1. Role Overview
We are looking for a highly hands-on Senior AI Engineer who can design and deploy real-world AI systems — including Computer Vision in factory environments, forecasting engines, real-time processing systems, and LLM-powered enterprise copilots.
This role requires strong backend engineering, ML expertise, DevOps capability, and the ability to deploy both local/on-prem models (factory environment) and cloud-based LLM solutions.
This is not a research-only role.
This is a production system builder role.
2. Key Responsibilities
A. Backend & System Architecture (Core Responsibility)
- Design and build scalable backend systems (REST APIs, microservices).
- Develop data ingestion pipelines from ERP, MRP, IoT devices, cameras, and Excel-based operational data.
- Design clean data models for production scheduling, forecasting, and factory analytics.
- Optimize performance for real-time or near-real-time processing.
B. Computer Vision (Factory Applications)
- Develop and deploy Computer Vision models for factory use cases such as:
- Quality inspection
- Defect detection
- Object detection & counting
- Production line monitoring
- Safety monitoring
- Implement real-time inference pipelines (camera → edge model → backend → dashboard).
- Optimize models for on-prem/edge deployment (low latency, resource constraints).
- Work with OpenCV, YOLO, CNN architectures, or equivalent frameworks.
- Deploy and monitor local inference services inside factory network environments.
C. Forecasting & Advanced ML
- Develop forecasting models (demand forecasting, material planning, capacity planning).
- Build anomaly detection systems (inventory risk, constraint prediction).
- Implement time-series models (ARIMA, Prophet, LSTM, Transformer-based models).

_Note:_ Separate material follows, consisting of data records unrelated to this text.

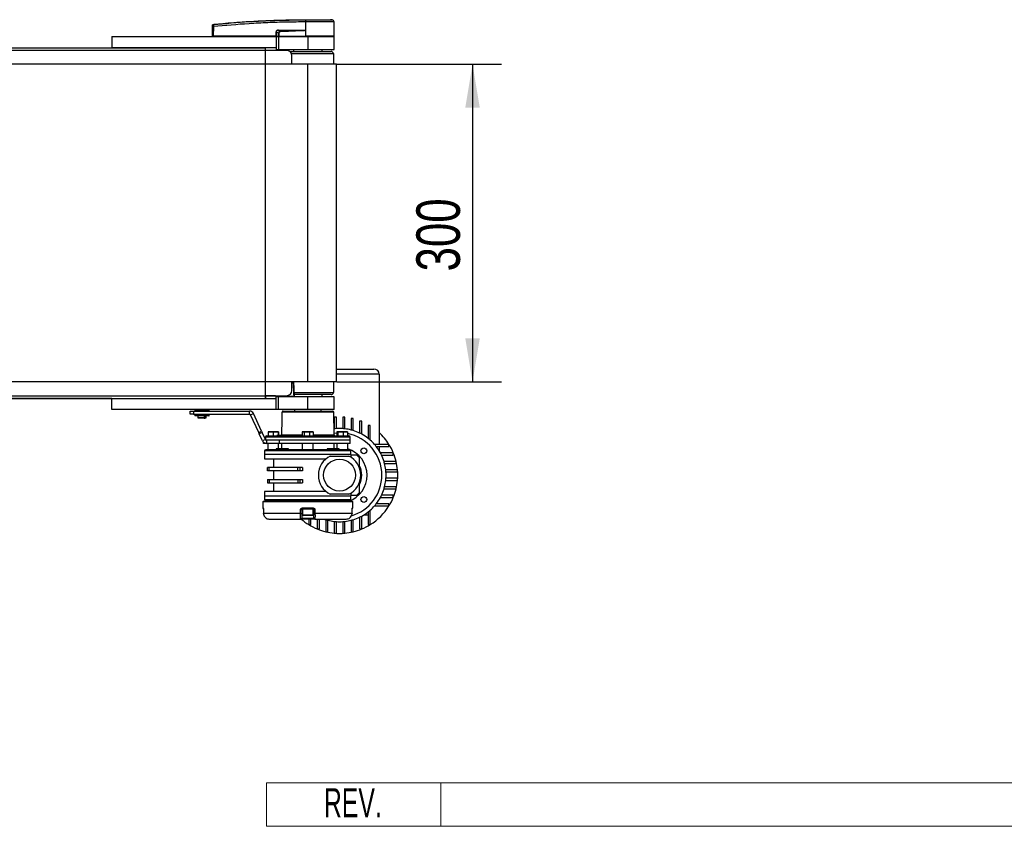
# Model space of a CAD drawing. Header units: millimetres. Extents: x 0 to 420, y 0 to 297.
# Tile 5 of 19: x 198 to 266, y 66 to 122. Entities that reach past the tile are written whole.
import ezdxf
from ezdxf.enums import TextEntityAlignment as Align

# ---------------------------------------------------------------- set-up
doc = ezdxf.new("R2010")
doc.units = ezdxf.units.MM
doc.layers.add('CARTIGLIO', color=140, linetype='Continuous')
doc.layers.add('QUOTE', color=174, linetype='Continuous')
doc.styles.add('SLDTEXTSTYLE0', font='TXT', dxfattribs={"width": 0.638298})
doc.styles.add('SLDTEXTSTYLE3', font='TXT', dxfattribs={"width": 0.75})
doc.dimstyles.new('SLDDIMSTYLE1', dxfattribs={"dimtxt": 3, "dimasz": 3, "dimexe": 0, "dimexo": 0.0625, "dimgap": 0.75, "dimtad": 1, "dimlfac": 13.728588, "dimrnd": 1e-09, "dimzin": 12, "dimdsep": 46, "dimtxsty": 'SLDTEXTSTYLE3', "dimsah": 1, "dimcen": 0.09, "dimadec": 0, "dimazin": 3, "dimtfac": 1, "dimtdec": 3, "dimtofl": 0, "dimtmove": 0, "dimatfit": 3, "dimfxl": 0, "dimfrac": 2, "dimtolj": 1, "dimtzin": 12, "dimarcsym": 0})

# ---------------------------------------------------------------- blocks, each defined once
blk = doc.blocks.new('SW_NOTE_0_27')
at = {"layer": 'CARTIGLIO', "color": 0, "insert": (2.34, 2.578), "char_height": 2, "attachment_point": 2, "style": 'SLDTEXTSTYLE0'}
blk.add_mtext('REV.', dxfattribs=at)
blk = doc.blocks.new('Cartiglio ALUSIC')
at = {"color": 161, "linetype": 'Continuous', "lineweight": 18}
for p, q in [((113.971, 150.999), (113.971, 153.999)), ((113.971, 153.999), (313.621, 153.999)), ((125.971, 153.999), (125.971, 150.999)), ((113.971, 150.999), (313.621, 150.999))]:
    blk.add_line(p, q, dxfattribs=at)
at = {"layer": 'CARTIGLIO', "color": 140}
blk.add_blockref('SW_NOTE_0_27', (117.568, 151.037), dxfattribs=at)
at = {"layer": 'CARTIGLIO', "color": 140, "style": 'SLDTEXTSTYLE0', "width": 0.638298}
for tag, height, p in [('AUTOATTR1', 3.5, (223.449, 133.7)), ('AUTOATTR2', 3.5, (221.929, 127.422)), ('AUTOATTR11', 3.5, (222.862, 121.411)), ('AUTOATTR8', 4, (219.244, 110.003)), ('AUTOATTR9', 4, (218.122, 100.423)), ('AUTOATTR0', 4, (249.033, 100.312))]:
    blk.add_attdef(tag, text='', height=height, dxfattribs=at).set_placement(p, align=Align.TOP_CENTER)
at = {"layer": 'CARTIGLIO', "color": 140}
for tag in ['AUTOATTR13', 'AUTOATTR12', 'AUTOATTR10', 'AUTOATTR7', 'AUTOATTR6', 'AUTOATTR5', 'AUTOATTR4', 'AUTOATTR3']:
    blk.add_attdef(tag, (0, 0), '', height=4, dxfattribs=at)
blk = doc.blocks.new('_D_2')
at = {"layer": 'QUOTE'}
for p, q in [((220.012, 118.583), (231.351, 118.583)), ((229.351, 118.583), (229.351, 96.731)), ((220.012, 96.731), (231.351, 96.731))]:
    blk.add_line(p, q, dxfattribs=at)
for points in [[(229.351, 118.583), (228.851, 115.583), (229.851, 115.583)], [(229.351, 96.731), (229.851, 99.731), (228.851, 99.731)]]:
    blk.add_solid(points, dxfattribs=at)
at = {"layer": 'QUOTE', "insert": (225.484, 104.332), "char_height": 3, "attachment_point": 1, "rotation": 90, "style": 'SLDTEXTSTYLE3'}
blk.add_mtext('300', dxfattribs=at)

msp = doc.modelspace()

# ---------------------------------------------------------------- linework, layer by layer
at = {"color": 7, "linetype": 'Continuous', "lineweight": 25}
for p, q in [((211.51593, 121.31959), (211.51588, 121.31958)), ((217.86011, 121.48849), (217.84829, 121.48849)), ((217.86011, 121.48849), (217.8594, 120.51303)), ((217.86023, 121.64206), (217.86032, 121.64206)), ((219.69431, 121.63204), (219.56761, 121.64206)), ((219.83307, 120.51303), (219.82456, 121.48844)), ((211.45703, 120.51303), (211.46272, 121.16525)), ((211.51609, 121.16525), (211.5104, 120.51303)), ((215.83103, 120.51303), (215.83218, 120.80707)), ((215.84579, 120.80707), (215.84464, 120.51303)), ((215.99946, 120.72718), (215.84579, 120.80707)), ((215.99116, 120.90744), (216.11922, 120.84087)), ((217.70054, 120.90744), (215.99116, 120.90744)), ((215.99209, 120.92627), (217.70147, 120.92627)), ((217.85552, 120.9175), (217.85556, 120.91346)), ((217.85556, 120.91346), (217.85905, 120.51303)), ((204.53684, 120.47661), (204.53684, 119.71178)), ((204.53684, 120.47661), (215.82715, 120.47661)), ((211.45703, 120.51303), (211.5104, 120.51303)), ((211.4925, 120.51303), (211.49313, 120.47661)), ((215.83103, 120.51303), (211.5104, 120.51303)), ((211.51309, 120.51303), (211.51315, 120.47661)), ((215.82715, 120.47661), (215.82715, 119.71178)), ((215.82715, 120.47661), (216.00925, 120.47661)), ((215.84464, 120.51303), (215.83103, 120.51303)), ((215.83389, 120.51303), (215.83394, 120.47661)), ((215.84464, 120.51303), (216.00704, 120.51303)), ((215.8698, 120.51303), (215.87025, 120.47661)), ((216.00925, 120.47661), (216.00925, 119.60252)), ((216.00925, 120.47661), (218.01237, 120.47661)), ((216.01261, 120.51303), (217.85905, 120.51303)), ((216.02404, 120.51303), (216.0243, 120.47661)), ((217.8594, 120.51303), (217.85905, 120.51303)), ((219.83307, 120.51303), (217.8594, 120.51303)), ((217.86088, 120.51303), (217.86091, 120.47661)), ((218.01237, 120.47661), (218.01237, 119.60252)), ((218.01237, 120.47661), (219.83339, 120.47661)), ((219.79697, 120.47661), (219.79761, 120.51303)), ((219.83339, 119.60252), (219.83339, 120.47661)), ((216.55556, 119.52968), (59.21964, 119.52968)), ((71.23835, 119.71178), (204.53684, 119.71178)), ((215.82715, 119.71178), (204.53684, 119.71178)), ((215.09875, 119.52968), (215.09875, 119.71178)), ((215.82715, 119.71178), (215.82715, 119.60252)), ((215.82715, 119.60252), (216.00925, 119.60252)), ((216.00925, 119.60252), (218.01237, 119.60252)), ((216.77408, 119.45684), (219.61487, 119.45684)), ((216.88936, 119.31115), (219.79697, 119.31115)), ((217.02902, 119.60252), (217.02902, 119.45684)), ((218.01237, 119.60252), (219.83339, 119.60252)), ((218.99572, 119.45684), (218.99572, 119.60252)), ((219.80152, 118.58275), (219.79697, 119.31115)), ((218.01237, 118.58275), (57.76282, 118.58275)), ((216.91976, 118.58275), (216.91976, 119.16547)), ((218.01237, 96.73054), (218.01237, 118.58275)), ((219.97907, 118.58275), (218.01237, 118.58275)), ((219.97907, 96.73054), (219.97907, 118.58275)), ((219.97907, 97.61884), (222.56492, 97.61884)), ((222.92912, 97.25463), (219.97907, 97.25463)), ((222.92912, 97.25463), (222.92912, 92.43258)), ((218.01237, 96.73054), (57.76282, 96.73054)), ((216.91976, 96.14781), (216.91976, 96.73054)), ((217.10911, 95.74964), (217.04651, 96.73054)), ((219.97907, 96.73054), (218.01237, 96.73054)), ((219.79697, 96.00213), (219.80152, 96.73054)), ((59.21964, 95.78361), (216.55556, 95.78361)), ((204.53684, 95.60151), (71.23835, 95.60151)), ((204.53684, 94.83668), (204.53684, 95.60151)), ((204.53684, 95.60151), (215.82715, 95.60151)), ((215.09875, 95.78361), (215.09875, 95.60151)), ((215.77058, 95.76904), (215.09875, 95.76904)), ((215.76912, 95.77696), (215.76936, 95.78361)), ((215.80554, 95.74782), (215.80616, 95.78361)), ((215.80597, 95.7416), (215.80627, 95.7399)), ((215.82715, 95.60151), (215.82715, 95.71077)), ((216.00925, 95.71077), (215.82715, 95.71077)), ((215.82715, 94.83668), (215.82715, 95.60151)), ((215.84258, 95.78361), (215.84195, 95.74782)), ((215.84195, 95.74782), (217.07133, 95.74782)), ((215.84195, 95.74782), (215.84195, 95.71077)), ((216.00925, 94.83668), (216.00925, 95.71077)), ((218.01237, 95.71077), (216.00925, 95.71077)), ((217.07133, 95.74782), (217.07133, 95.71077)), ((217.08785, 96.00213), (219.79697, 96.00213)), ((219.61487, 95.85645), (217.1003, 95.85645)), ((218.01237, 94.83668), (218.01237, 95.71077)), ((219.83339, 95.71077), (218.01237, 95.71077)), ((218.99572, 95.71077), (218.99572, 95.85645)), ((219.83339, 94.83668), (219.83339, 95.71077)), ((215.82715, 94.83668), (204.53684, 94.83668)), ((207.3397, 94.83668), (207.3397, 94.83486)), ((207.92166, 94.83486), (207.92166, 94.83668)), ((209.92976, 94.50889), (209.92976, 94.72742)), ((209.92976, 94.72742), (210.14829, 94.72742)), ((210.14829, 94.50889), (209.92976, 94.50889)), ((210.14829, 94.72742), (210.14829, 94.50889)), ((210.14829, 94.72742), (214.00533, 94.72742)), ((210.14829, 94.50889), (214.00533, 94.50889)), ((210.23322, 94.82287), (210.22922, 94.74639)), ((210.22922, 94.74639), (211.23281, 94.74639)), ((210.22922, 94.48992), (210.23322, 94.41344)), ((211.23281, 94.48992), (210.22922, 94.48992)), ((210.2413, 94.82287), (210.23322, 94.82287)), ((210.23322, 94.41344), (211.2288, 94.41344)), ((211.2288, 94.82287), (210.2413, 94.82287)), ((210.25166, 94.73106), (210.24376, 94.73106)), ((210.24376, 94.50525), (211.21826, 94.50525)), ((210.25561, 94.39963), (210.24777, 94.39963)), ((211.21826, 94.73106), (210.25166, 94.73106)), ((211.21425, 94.39963), (210.25561, 94.39963)), ((210.28668, 94.73106), (210.28668, 94.72742)), ((210.28668, 94.50889), (210.28668, 94.50525)), ((210.43965, 94.39963), (210.43965, 94.28673)), ((210.43965, 94.28673), (210.47607, 94.25031)), ((210.43965, 94.28673), (210.9038, 94.28673)), ((210.87771, 94.25031), (210.47607, 94.25031)), ((210.9038, 94.28673), (210.87771, 94.25031)), ((210.87771, 94.25031), (210.93952, 94.25031)), ((210.96561, 94.39599), (210.9038, 94.39599)), ((210.9038, 94.28673), (210.9038, 94.39599)), ((210.93952, 94.25031), (210.96561, 94.28673)), ((210.98596, 94.25031), (210.93952, 94.25031)), ((210.96561, 94.39599), (210.96561, 94.28673)), ((210.96561, 94.28673), (211.02238, 94.28673)), ((210.98596, 94.25031), (211.02238, 94.28673)), ((211.02238, 94.28673), (211.02238, 94.39963)), ((211.17534, 94.72742), (211.17534, 94.73106)), ((211.17534, 94.50525), (211.17534, 94.50889)), ((211.23281, 94.74639), (211.2288, 94.82287)), ((211.2288, 94.41344), (211.23281, 94.48992)), ((214.00533, 94.50889), (214.00533, 94.72742)), ((214.07134, 94.46684), (214.26939, 94.55919)), ((214.63387, 93.26049), (214.07134, 94.46684)), ((214.83192, 93.35284), (214.26939, 94.55919)), ((216.00925, 94.83668), (215.82715, 94.83668)), ((218.01237, 94.83668), (216.00925, 94.83668)), ((216.23234, 94.32453), (216.23207, 94.32461)), ((216.2386, 94.64118), (216.23832, 94.64126)), ((219.79993, 94.64118), (216.2386, 94.64118)), ((216.32624, 94.72706), (219.71253, 94.72706)), ((217.10187, 94.83668), (217.10187, 94.72706)), ((219.83339, 94.83668), (218.01237, 94.83668)), ((218.92288, 94.72706), (218.92288, 94.83668)), ((219.82681, 93.10119), (219.79993, 94.64118)), ((219.83339, 94.30985), (219.83339, 93.50443)), ((219.97907, 94.30985), (219.83339, 94.30985)), ((219.97907, 93.51773), (219.97907, 94.30985)), ((220.41612, 94.30985), (220.41612, 93.51773)), ((220.5618, 94.30985), (220.41612, 94.30985)), ((220.5618, 93.50443), (220.5618, 94.30985)), ((220.99884, 94.21292), (220.99884, 93.42342)), ((221.14452, 94.21292), (220.99884, 94.21292)), ((221.14452, 93.38211), (221.14452, 94.21292)), ((216.2168, 94.18139), (216.19794, 93.10119)), ((216.21805, 94.18139), (216.2168, 94.18139)), ((221.58157, 94.02291), (221.58157, 93.21097)), ((221.72725, 94.02291), (221.58157, 94.02291)), ((221.72725, 93.1366), (221.72725, 94.02291)), ((222.16429, 93.72428), (222.16429, 92.85082)), ((222.30998, 93.72428), (222.16429, 93.72428)), ((222.30998, 92.73055), (222.30998, 93.72428)), ((214.63387, 93.26049), (214.83192, 93.35284)), ((214.67547, 93.17129), (214.63387, 93.26049)), ((214.87351, 93.26364), (214.67547, 93.17129)), ((214.90752, 92.67365), (214.67547, 93.17129)), ((214.83192, 93.35284), (214.87351, 93.26364)), ((215.10557, 92.766), (214.87351, 93.26364)), ((215.10233, 92.92942), (215.0997, 92.77859)), ((220.92242, 92.92942), (215.10233, 92.92942)), ((215.18973, 93.0153), (220.83502, 93.0153)), ((215.45974, 93.30667), (215.29779, 93.28774)), ((215.29779, 93.28774), (215.29779, 93.0153)), ((215.30947, 93.30667), (215.45974, 93.30667)), ((215.62168, 93.28774), (215.45974, 93.30667)), ((215.45974, 93.30667), (215.79531, 93.30667)), ((215.79531, 93.30667), (215.62168, 93.28774)), ((215.62168, 93.28774), (215.62168, 93.0153)), ((215.96894, 93.28774), (215.79531, 93.30667)), ((215.79531, 93.30667), (215.98063, 93.30667)), ((215.87898, 93.05172), (215.87835, 93.0153)), ((215.88552, 93.05172), (215.87898, 93.05172)), ((215.88552, 93.05172), (215.88507, 93.0153)), ((215.95238, 93.05172), (215.88552, 93.05172)), ((215.95238, 93.05172), (215.95193, 93.0153)), ((215.9768, 93.05172), (215.95238, 93.05172)), ((215.96894, 93.28774), (215.96894, 93.05172)), ((215.9768, 93.05172), (215.97705, 93.0153)), ((216.15155, 93.05172), (215.9768, 93.05172)), ((215.98063, 93.30667), (215.98124, 93.30667)), ((215.98185, 93.30644), (215.98124, 93.30667)), ((215.99231, 93.28774), (215.99231, 93.05172)), ((216.15865, 93.05172), (216.15802, 93.0153)), ((216.1643, 93.05172), (216.16382, 93.0153)), ((216.19794, 93.10119), (217.63219, 93.10119)), ((216.21791, 93.05172), (216.21727, 93.0153)), ((216.22444, 93.05172), (216.21791, 93.05172)), ((216.22444, 93.05172), (216.22399, 93.0153)), ((216.24714, 93.05172), (216.22444, 93.05172)), ((216.24714, 93.05172), (216.2467, 93.0153)), ((216.28349, 93.05172), (216.24714, 93.05172)), ((216.28349, 93.05172), (216.28407, 93.0153)), ((216.33418, 93.05172), (216.28349, 93.05172)), ((216.33418, 93.05172), (216.33477, 93.0153)), ((216.33593, 93.05172), (216.33418, 93.05172)), ((216.33656, 93.0153), (216.33593, 93.05172)), ((216.68085, 93.0153), (216.68022, 93.05172)), ((217.63219, 93.28774), (217.63219, 93.0153)), ((217.67619, 93.30667), (217.65821, 93.30012)), ((217.67619, 93.30667), (217.69325, 93.30667)), ((217.69325, 93.30667), (217.9444, 93.30667)), ((217.9444, 93.30667), (217.75431, 93.28774)), ((217.75431, 93.28774), (217.75431, 93.0153)), ((218.13449, 93.28774), (217.9444, 93.30667)), ((217.9444, 93.30667), (218.26352, 93.30667)), ((218.26352, 93.30667), (218.13449, 93.28774)), ((218.13449, 93.28774), (218.13449, 93.0153)), ((218.39255, 93.28774), (218.26352, 93.30667)), ((218.26352, 93.30667), (218.34856, 93.30667)), ((218.36654, 93.30012), (218.34856, 93.30667)), ((218.39255, 93.28774), (218.39255, 93.0153)), ((218.39255, 93.10119), (219.82681, 93.10119)), ((219.8198, 93.50284), (219.83339, 93.50443)), ((220.01677, 93.28774), (220.16716, 93.30667)), ((220.01677, 93.28774), (220.01677, 93.0153)), ((220.04351, 93.30667), (220.03912, 93.30507)), ((220.04785, 93.30667), (220.26038, 93.30667)), ((220.26038, 93.30667), (220.07892, 93.28774)), ((220.07892, 93.28774), (220.07892, 93.0153)), ((220.44185, 93.28774), (220.26038, 93.30667)), ((220.26038, 93.30667), (220.59224, 93.30667)), ((220.59224, 93.30667), (220.44185, 93.28774)), ((220.44185, 93.28774), (220.44185, 93.0153)), ((220.74262, 93.28774), (220.59224, 93.30667)), ((220.59224, 93.30667), (220.71588, 93.30667)), ((220.72028, 93.30507), (220.71588, 93.30667)), ((220.74262, 93.28774), (220.74262, 93.0153)), ((220.926, 92.72394), (220.92242, 92.92942)), ((215.10557, 92.766), (214.90752, 92.67365)), ((214.965, 92.50542), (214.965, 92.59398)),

- Translate business decision logic into ML-driven decision-support systems.
D. LLM & Cloud AI Integration
- Build enterprise AI copilots using cloud LLM services (Azure OpenAI or equivalent).
- Design RAG pipelines connecting LLMs with internal data sources.
- Implement secure API-based integration between on-prem systems and cloud AI services.
- Architect hybrid AI systems:
- Local models for factory real-time inference
- Cloud LLM for analytics, reasoning, and automation
E. DevOps, CI/CD & Deployment
- Containerize applications using Docker.
- Build CI/CD pipelines for AI model deployment.
- Manage multi-environment deployment (Dev / UAT / Production).
- Implement monitoring, logging, and performance tracking for AI systems.
- Ensure system reliability and security in enterprise network environments.
F. Cross-Functional Technical Ownership
- Collaborate with BA to refine and translate business requirements into technical architecture.
- Support QA in defining test scenarios for AI systems.
- Participate in UAT and production troubleshooting.
- Handle ad-hoc system issues in factory or supply chain environments.
- Take ownership from design → development → deployment → stabilization.